Exercise objective
Search the entries for the word "rounds". Copy every line that holds it.

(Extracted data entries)
────

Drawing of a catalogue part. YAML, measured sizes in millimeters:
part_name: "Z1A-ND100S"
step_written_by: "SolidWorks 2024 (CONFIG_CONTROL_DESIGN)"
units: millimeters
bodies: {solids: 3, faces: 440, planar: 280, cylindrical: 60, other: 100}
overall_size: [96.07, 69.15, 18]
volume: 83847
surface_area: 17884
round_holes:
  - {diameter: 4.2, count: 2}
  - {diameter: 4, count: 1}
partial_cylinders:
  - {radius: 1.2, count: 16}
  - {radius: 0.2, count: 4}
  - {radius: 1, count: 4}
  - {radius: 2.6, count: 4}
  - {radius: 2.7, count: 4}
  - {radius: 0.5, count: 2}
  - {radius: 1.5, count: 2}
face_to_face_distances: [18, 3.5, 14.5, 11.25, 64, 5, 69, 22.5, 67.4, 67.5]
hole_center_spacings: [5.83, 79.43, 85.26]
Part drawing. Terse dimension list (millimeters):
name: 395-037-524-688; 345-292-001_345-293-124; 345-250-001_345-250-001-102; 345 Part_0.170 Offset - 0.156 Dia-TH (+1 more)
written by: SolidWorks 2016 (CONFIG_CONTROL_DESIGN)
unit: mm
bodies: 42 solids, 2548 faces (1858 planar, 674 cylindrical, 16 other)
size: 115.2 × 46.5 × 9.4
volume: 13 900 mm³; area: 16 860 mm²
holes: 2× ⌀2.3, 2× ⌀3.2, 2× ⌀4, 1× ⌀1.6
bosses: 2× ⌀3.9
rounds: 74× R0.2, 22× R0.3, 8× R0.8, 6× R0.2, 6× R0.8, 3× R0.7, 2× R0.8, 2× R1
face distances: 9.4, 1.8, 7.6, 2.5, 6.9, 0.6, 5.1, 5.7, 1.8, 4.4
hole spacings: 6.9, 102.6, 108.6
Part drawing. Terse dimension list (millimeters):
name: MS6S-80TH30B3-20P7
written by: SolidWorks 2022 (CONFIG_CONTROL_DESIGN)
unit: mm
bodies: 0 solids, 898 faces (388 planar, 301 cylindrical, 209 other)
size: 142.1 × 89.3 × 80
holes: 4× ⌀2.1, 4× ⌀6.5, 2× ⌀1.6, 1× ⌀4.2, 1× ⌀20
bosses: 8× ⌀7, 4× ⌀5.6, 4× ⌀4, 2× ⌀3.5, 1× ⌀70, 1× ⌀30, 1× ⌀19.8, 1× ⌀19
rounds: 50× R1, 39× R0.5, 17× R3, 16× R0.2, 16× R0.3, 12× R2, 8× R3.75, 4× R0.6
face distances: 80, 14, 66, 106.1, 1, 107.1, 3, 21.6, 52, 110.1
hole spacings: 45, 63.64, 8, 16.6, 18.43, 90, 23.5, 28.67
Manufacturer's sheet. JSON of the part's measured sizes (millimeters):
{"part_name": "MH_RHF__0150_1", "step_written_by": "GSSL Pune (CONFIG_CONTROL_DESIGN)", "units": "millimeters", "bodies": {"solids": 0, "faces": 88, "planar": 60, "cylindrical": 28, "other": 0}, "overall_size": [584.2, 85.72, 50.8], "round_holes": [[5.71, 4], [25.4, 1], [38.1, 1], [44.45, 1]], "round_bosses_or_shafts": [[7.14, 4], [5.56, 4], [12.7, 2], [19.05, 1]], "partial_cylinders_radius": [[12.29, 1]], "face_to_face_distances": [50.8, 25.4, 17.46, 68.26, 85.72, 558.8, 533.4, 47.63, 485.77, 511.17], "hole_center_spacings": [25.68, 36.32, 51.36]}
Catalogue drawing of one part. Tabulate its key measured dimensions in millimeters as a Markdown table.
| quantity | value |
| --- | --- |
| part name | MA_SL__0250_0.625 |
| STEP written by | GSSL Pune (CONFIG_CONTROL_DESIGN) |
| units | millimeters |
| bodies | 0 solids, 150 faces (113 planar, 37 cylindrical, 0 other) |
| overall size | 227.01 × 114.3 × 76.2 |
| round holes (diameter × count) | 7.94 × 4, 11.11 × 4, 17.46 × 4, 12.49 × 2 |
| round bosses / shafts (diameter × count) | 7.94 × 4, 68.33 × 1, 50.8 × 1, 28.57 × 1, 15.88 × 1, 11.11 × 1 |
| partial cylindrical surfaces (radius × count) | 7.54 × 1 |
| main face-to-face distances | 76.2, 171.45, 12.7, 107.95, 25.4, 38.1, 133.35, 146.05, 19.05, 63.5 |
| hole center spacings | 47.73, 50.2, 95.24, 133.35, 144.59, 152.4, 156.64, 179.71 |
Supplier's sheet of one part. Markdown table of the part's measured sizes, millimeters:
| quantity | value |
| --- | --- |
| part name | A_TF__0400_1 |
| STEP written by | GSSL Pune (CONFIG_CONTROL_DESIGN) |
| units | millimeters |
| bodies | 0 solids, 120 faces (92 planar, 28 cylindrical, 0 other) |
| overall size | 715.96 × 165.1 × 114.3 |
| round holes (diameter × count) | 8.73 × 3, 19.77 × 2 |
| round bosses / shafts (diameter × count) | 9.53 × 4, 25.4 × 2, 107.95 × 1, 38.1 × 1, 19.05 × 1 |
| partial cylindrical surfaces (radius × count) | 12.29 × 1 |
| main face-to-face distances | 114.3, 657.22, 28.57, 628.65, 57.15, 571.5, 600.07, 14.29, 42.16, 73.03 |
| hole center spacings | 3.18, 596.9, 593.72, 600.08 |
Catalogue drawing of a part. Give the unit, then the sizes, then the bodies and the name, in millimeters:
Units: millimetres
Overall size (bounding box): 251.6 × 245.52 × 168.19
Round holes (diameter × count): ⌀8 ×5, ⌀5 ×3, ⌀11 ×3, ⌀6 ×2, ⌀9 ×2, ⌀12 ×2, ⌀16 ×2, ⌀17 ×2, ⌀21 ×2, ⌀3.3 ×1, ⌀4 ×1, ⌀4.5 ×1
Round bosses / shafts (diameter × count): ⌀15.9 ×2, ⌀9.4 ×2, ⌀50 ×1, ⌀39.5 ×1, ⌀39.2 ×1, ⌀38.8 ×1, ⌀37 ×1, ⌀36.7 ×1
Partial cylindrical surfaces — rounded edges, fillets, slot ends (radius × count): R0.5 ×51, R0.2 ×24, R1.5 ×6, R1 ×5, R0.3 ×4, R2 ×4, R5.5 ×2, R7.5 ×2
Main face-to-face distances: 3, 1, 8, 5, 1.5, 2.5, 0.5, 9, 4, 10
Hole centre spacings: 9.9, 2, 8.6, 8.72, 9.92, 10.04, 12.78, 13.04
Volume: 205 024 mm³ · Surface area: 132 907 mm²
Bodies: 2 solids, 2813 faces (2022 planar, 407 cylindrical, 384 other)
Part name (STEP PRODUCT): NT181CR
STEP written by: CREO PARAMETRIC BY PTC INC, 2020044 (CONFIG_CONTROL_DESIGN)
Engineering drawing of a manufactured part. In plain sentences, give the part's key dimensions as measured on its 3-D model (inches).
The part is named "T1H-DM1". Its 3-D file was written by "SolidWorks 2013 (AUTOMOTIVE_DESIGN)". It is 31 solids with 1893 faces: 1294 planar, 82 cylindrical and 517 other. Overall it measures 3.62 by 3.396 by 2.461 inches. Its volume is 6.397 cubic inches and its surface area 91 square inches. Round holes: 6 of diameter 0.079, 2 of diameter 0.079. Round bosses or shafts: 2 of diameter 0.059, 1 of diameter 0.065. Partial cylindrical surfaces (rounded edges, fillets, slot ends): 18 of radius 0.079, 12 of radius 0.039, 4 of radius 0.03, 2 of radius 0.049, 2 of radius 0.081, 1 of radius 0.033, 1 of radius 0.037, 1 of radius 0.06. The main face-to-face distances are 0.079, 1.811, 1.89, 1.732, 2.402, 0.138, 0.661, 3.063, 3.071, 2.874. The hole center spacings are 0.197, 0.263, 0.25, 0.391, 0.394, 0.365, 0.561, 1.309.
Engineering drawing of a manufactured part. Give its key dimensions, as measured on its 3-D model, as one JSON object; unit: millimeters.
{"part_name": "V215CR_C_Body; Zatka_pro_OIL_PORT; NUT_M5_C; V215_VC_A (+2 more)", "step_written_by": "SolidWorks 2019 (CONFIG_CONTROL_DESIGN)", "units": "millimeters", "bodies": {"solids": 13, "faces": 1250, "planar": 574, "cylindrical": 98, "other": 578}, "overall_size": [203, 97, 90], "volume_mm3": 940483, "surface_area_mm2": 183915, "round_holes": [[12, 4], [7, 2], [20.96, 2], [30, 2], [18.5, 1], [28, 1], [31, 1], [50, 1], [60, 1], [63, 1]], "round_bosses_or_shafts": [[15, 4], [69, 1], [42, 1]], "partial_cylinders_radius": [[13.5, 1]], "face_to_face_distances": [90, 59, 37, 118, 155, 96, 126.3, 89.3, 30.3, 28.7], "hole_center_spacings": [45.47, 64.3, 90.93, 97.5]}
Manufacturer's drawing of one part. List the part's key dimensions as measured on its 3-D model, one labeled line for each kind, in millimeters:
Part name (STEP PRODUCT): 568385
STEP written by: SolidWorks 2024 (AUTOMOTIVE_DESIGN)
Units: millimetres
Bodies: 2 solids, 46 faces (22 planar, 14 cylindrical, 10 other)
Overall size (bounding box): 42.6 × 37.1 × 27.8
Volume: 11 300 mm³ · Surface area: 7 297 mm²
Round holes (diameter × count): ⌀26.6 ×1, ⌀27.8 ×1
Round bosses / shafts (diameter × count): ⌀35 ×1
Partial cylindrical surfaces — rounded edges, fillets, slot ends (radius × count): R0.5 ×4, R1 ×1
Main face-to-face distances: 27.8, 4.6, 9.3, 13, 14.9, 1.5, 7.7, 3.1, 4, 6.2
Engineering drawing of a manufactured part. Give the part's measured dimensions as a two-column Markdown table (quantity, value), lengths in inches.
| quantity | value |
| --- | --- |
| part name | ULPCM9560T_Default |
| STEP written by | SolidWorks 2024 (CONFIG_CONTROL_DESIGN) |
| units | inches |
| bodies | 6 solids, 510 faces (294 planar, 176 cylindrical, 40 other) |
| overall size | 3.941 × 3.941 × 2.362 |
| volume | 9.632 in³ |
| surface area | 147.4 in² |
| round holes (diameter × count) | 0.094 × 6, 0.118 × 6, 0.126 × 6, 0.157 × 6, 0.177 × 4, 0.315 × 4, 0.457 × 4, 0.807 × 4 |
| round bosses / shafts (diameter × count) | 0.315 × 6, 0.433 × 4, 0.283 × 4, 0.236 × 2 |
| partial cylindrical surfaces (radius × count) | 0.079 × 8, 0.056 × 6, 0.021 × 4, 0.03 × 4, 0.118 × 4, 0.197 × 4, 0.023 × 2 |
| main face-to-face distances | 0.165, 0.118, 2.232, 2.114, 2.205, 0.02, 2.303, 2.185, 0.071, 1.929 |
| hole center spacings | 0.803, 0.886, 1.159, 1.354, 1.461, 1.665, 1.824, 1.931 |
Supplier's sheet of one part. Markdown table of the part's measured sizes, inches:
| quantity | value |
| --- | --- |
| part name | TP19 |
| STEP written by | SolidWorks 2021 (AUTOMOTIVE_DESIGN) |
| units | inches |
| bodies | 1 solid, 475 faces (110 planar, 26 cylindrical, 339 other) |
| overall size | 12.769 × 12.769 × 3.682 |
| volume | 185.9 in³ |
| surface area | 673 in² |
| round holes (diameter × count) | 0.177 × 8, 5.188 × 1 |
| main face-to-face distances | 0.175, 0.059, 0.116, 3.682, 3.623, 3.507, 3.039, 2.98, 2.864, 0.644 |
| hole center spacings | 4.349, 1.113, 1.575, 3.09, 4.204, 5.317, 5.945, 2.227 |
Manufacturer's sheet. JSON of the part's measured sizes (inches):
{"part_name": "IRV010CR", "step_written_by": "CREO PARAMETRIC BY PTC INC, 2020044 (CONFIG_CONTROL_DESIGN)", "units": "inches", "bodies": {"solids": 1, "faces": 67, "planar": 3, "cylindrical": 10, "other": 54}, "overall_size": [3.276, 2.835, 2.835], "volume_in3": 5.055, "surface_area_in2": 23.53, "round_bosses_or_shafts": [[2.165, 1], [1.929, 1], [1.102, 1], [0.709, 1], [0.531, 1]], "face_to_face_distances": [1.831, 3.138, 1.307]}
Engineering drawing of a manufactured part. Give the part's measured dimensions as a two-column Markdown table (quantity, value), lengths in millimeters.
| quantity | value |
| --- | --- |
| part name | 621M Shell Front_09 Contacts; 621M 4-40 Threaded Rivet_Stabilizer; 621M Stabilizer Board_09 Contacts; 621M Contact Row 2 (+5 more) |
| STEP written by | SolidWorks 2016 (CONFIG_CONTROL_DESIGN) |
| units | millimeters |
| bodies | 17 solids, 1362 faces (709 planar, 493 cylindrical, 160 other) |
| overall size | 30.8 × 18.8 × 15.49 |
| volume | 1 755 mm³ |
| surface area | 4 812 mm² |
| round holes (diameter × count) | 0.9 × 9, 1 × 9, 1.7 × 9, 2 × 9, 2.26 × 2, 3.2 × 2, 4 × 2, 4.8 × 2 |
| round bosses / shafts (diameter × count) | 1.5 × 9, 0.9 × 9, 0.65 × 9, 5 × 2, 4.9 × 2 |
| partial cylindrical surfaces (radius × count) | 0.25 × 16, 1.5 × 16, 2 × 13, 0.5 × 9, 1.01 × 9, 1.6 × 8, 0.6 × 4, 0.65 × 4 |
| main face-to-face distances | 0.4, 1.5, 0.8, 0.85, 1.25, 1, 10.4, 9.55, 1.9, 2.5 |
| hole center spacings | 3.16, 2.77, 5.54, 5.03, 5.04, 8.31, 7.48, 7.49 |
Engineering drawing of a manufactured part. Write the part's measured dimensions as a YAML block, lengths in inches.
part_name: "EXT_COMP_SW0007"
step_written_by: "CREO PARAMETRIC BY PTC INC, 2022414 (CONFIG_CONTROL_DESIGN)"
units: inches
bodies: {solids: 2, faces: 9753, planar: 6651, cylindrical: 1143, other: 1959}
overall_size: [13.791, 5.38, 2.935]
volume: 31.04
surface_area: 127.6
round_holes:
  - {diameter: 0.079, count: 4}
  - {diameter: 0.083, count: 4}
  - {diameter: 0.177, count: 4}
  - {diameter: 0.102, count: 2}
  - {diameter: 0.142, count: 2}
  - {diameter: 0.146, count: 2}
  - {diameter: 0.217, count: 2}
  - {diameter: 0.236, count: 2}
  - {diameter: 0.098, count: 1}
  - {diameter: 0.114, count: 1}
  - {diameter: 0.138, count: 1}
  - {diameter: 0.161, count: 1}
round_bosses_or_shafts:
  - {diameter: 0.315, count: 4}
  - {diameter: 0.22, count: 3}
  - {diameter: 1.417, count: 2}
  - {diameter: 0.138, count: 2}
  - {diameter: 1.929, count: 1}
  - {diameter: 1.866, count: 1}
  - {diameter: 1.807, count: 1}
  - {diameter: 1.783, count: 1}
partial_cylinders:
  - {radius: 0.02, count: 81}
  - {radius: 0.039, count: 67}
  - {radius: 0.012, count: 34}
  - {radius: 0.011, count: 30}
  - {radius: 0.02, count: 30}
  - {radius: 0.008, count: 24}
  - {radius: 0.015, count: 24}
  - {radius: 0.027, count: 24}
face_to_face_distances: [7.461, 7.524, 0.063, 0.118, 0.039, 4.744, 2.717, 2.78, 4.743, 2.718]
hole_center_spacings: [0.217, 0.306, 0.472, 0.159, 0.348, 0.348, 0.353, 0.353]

────

Result of this task
rounds: 74× R0.2, 22× R0.3, 8× R0.8, 6× R0.2, 6× R0.8, 3× R0.7, 2× R0.8, 2× R1
rounds: 50× R1, 39× R0.5, 17× R3, 16× R0.2, 16× R0.3, 12× R2, 8× R3.75, 4× R0.6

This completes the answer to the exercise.